The Coles Group Ltd (ASX: COL) share price is in focus after announcing its FY26 third quarter update.
Coles is the second largest supermarket business in Australia, as well as having a liquor division (including Liquorland) and other businesses such as Flybuys.
FY26 third quarter performance
The business reported that in the 12 weeks to 29 March 2026, total sales grew by 3.1% to $10.7 billion.
Within that, supermarket sales increased by 4% to $9.8 billion, with comparable sales growth of 3.6%. Coles said that it achieved ‘above market’ growth in its supermarket division. Excluding tobacco, supermarket sales grew by 5.7%.
Supermarket e-commerce sales increased by 24.8% to $1.3 billion, with e-commerce penetration improving to 13.6%, up from 11.3% in the FY25 third-quarter.
Another positive was that ‘exclusive to Coles’ sales increased 7.3%, supported by ongoing innovation including 142 new product launches, a new Coles Kitchen salad range and a refresh of its Coles Simply range. Coles Finest sales rose 8.2%.
Pleasingly supermarket sales density per square metre improved 0.3% to $20,239, showing a level of sales growth at each existing supermarket.
There was total inflation of 0.8% excluding tobacco at the supermarkets.
Other divisions
Liquor sales declined by 3.9% to $781 million with a comparable sales decline of 4.3%.
Coles said that sales across its liquor convenience portfolio, representing 90% of its store network, remained resilient and broadly in line with the prior corresponding period. But, warehouse store sales experienced a “more pronounced impact”.
‘Other’ revenue dropped 14.5% to $141 million.
Outlook for the Coles share price
Coles said that in the early part of the fourth quarter, supermarket sales growth has remained “broadly in line” with the third quarter, adjusted for Easter and ANZAC timing effects.

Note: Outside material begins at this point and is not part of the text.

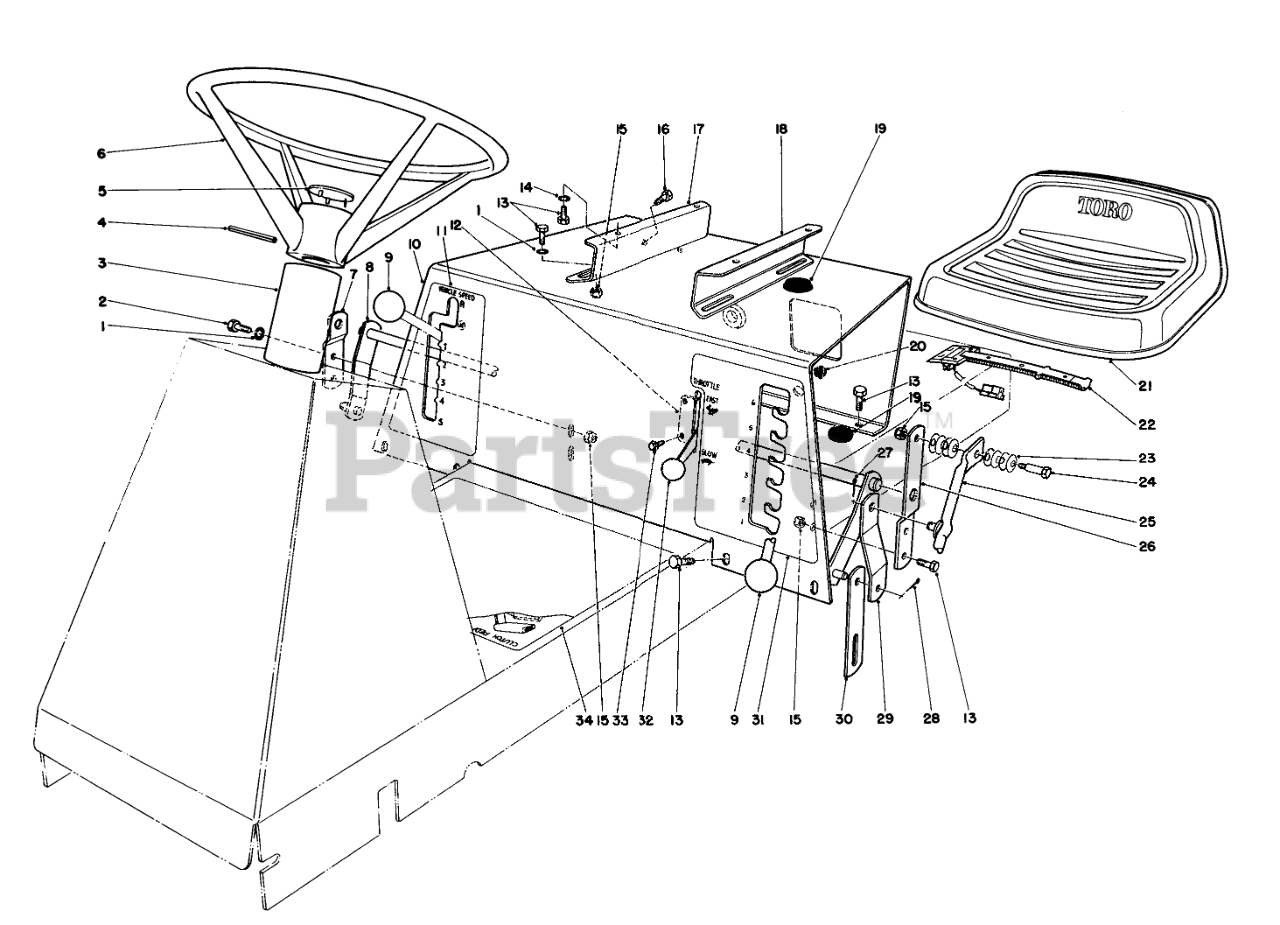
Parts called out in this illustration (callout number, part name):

But, with geopolitical tensions contributing to higher fuel and other commodity input prices, its focus remains on providing customers with good value.
In recent weeks, Coles has seen an increase in supplier cost price increase requests and higher costs within its own operations, particularly fuel, freight and packaging.
The company said it’s actively managing these impacts and will “mitigate impacts where possible, while balancing the needs of customers and suppliers”.
In liquor, sales continue to be impacted by weaker consumer confidence and there is a flow-on to liquor earnings.
In my view, I think the Coles share price is an attractive long-term buy because of how it provides significant exposure to Australian supermarket sales, more than its rival. It’s one of the blue-chip ASX dividend shares worth owning for the long-term.